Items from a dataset
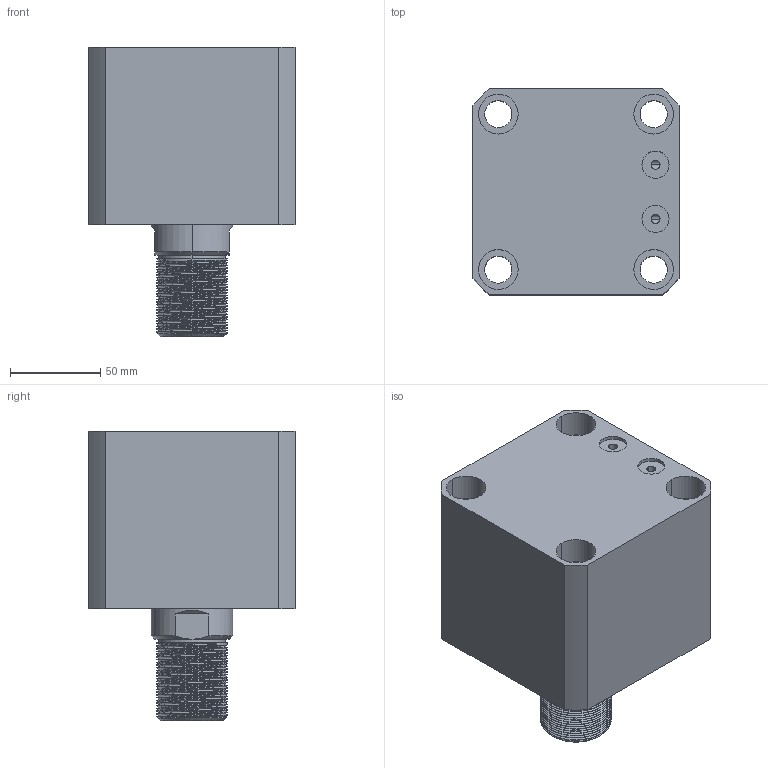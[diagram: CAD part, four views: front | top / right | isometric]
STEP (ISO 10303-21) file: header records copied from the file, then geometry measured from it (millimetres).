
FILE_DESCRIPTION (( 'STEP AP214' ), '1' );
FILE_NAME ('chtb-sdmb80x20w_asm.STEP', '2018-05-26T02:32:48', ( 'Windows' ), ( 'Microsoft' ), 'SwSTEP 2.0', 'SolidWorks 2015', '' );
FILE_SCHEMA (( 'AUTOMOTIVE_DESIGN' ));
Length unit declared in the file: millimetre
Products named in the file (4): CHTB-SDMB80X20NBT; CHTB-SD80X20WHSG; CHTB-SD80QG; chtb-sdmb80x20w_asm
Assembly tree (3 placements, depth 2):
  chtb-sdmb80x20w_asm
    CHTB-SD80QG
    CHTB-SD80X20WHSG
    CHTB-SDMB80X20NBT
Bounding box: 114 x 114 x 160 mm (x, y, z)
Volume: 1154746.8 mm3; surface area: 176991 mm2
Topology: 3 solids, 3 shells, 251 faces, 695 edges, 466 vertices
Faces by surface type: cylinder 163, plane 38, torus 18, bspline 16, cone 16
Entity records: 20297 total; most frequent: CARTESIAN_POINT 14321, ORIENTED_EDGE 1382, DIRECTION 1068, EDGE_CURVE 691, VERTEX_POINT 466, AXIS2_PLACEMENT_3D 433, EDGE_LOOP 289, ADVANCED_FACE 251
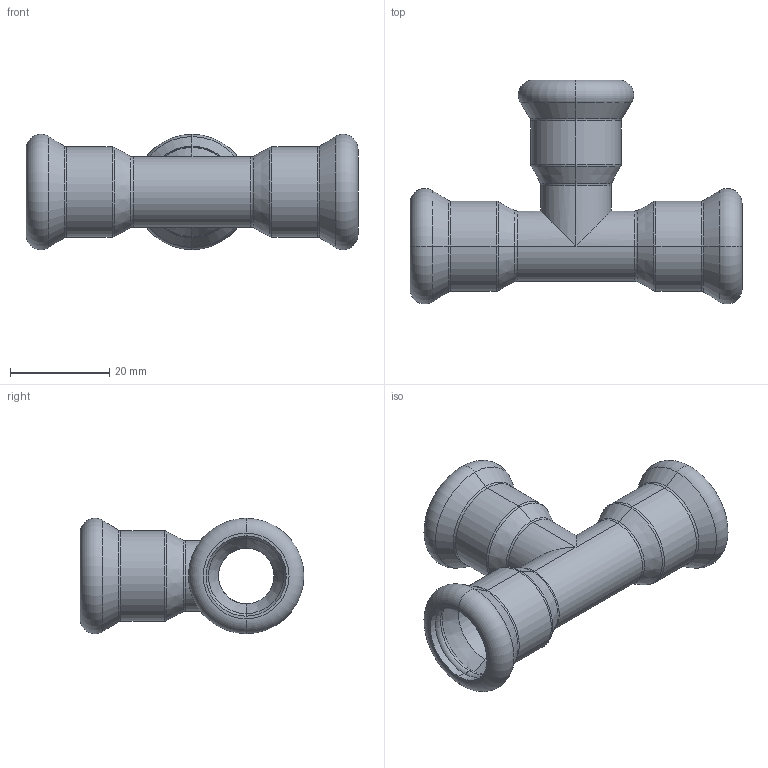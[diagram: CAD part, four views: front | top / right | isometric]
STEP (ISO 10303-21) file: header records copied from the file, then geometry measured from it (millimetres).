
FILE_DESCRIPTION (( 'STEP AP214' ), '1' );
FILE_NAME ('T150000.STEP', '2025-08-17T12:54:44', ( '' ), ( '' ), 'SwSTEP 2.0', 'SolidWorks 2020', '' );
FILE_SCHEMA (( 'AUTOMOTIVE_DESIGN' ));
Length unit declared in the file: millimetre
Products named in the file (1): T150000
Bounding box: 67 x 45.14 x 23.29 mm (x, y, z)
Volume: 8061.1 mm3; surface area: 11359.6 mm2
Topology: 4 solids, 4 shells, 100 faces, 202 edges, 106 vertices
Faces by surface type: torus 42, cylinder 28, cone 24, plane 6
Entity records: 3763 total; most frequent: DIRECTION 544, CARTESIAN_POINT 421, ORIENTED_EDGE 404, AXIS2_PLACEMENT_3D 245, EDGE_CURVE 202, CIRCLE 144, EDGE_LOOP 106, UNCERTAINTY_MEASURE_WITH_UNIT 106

● **Instructions for the task**
Repeat every line above exactly, but omit all images.

● **Written answer**
[diagram: CAD part, four views: front | top / right | isometric]
STEP (ISO 10303-21) file: header records copied from the file, then geometry measured from it (millimetres).
FILE_DESCRIPTION (( 'STEP AP214' ), '1' );
FILE_NAME ('chtb-sdmb80x20w_asm.STEP', '2018-05-26T02:32:48', ( 'Windows' ), ( 'Microsoft' ), 'SwSTEP 2.0', 'SolidWorks 2015', '' );
FILE_SCHEMA (( 'AUTOMOTIVE_DESIGN' ));
Length unit declared in the file: millimetre
Products named in the file (4): CHTB-SDMB80X20NBT; CHTB-SD80X20WHSG; CHTB-SD80QG; chtb-sdmb80x20w_asm
Assembly tree (3 placements, depth 2):
  chtb-sdmb80x20w_asm
    CHTB-SD80QG
    CHTB-SD80X20WHSG
    CHTB-SDMB80X20NBT
Bounding box: 114 x 114 x 160 mm (x, y, z)
Volume: 1154746.8 mm3; surface area: 176991 mm2
Topology: 3 solids, 3 shells, 251 faces, 695 edges, 466 vertices
Faces by surface type: cylinder 163, plane 38, torus 18, bspline 16, cone 16
Entity records: 20297 total; most frequent: CARTESIAN_POINT 14321, ORIENTED_EDGE 1382, DIRECTION 1068, EDGE_CURVE 691, VERTEX_POINT 466, AXIS2_PLACEMENT_3D 433, EDGE_LOOP 289, ADVANCED_FACE 251
[diagram: CAD part, four views: front | top / right | isometric]
STEP (ISO 10303-21) file: header records copied from the file, then geometry measured from it (millimetres).
FILE_DESCRIPTION (( 'STEP AP214' ), '1' );
FILE_NAME ('T150000.STEP', '2025-08-17T12:54:44', ( '' ), ( '' ), 'SwSTEP 2.0', 'SolidWorks 2020', '' );
FILE_SCHEMA (( 'AUTOMOTIVE_DESIGN' ));
Length unit declared in the file: millimetre
Products named in the file (1): T150000
Bounding box: 67 x 45.14 x 23.29 mm (x, y, z)
Volume: 8061.1 mm3; surface area: 11359.6 mm2
Topology: 4 solids, 4 shells, 100 faces, 202 edges, 106 vertices
Faces by surface type: torus 42, cylinder 28, cone 24, plane 6
Entity records: 3763 total; most frequent: DIRECTION 544, CARTESIAN_POINT 421, ORIENTED_EDGE 404, AXIS2_PLACEMENT_3D 245, EDGE_CURVE 202, CIRCLE 144, EDGE_LOOP 106, UNCERTAINTY_MEASURE_WITH_UNIT 106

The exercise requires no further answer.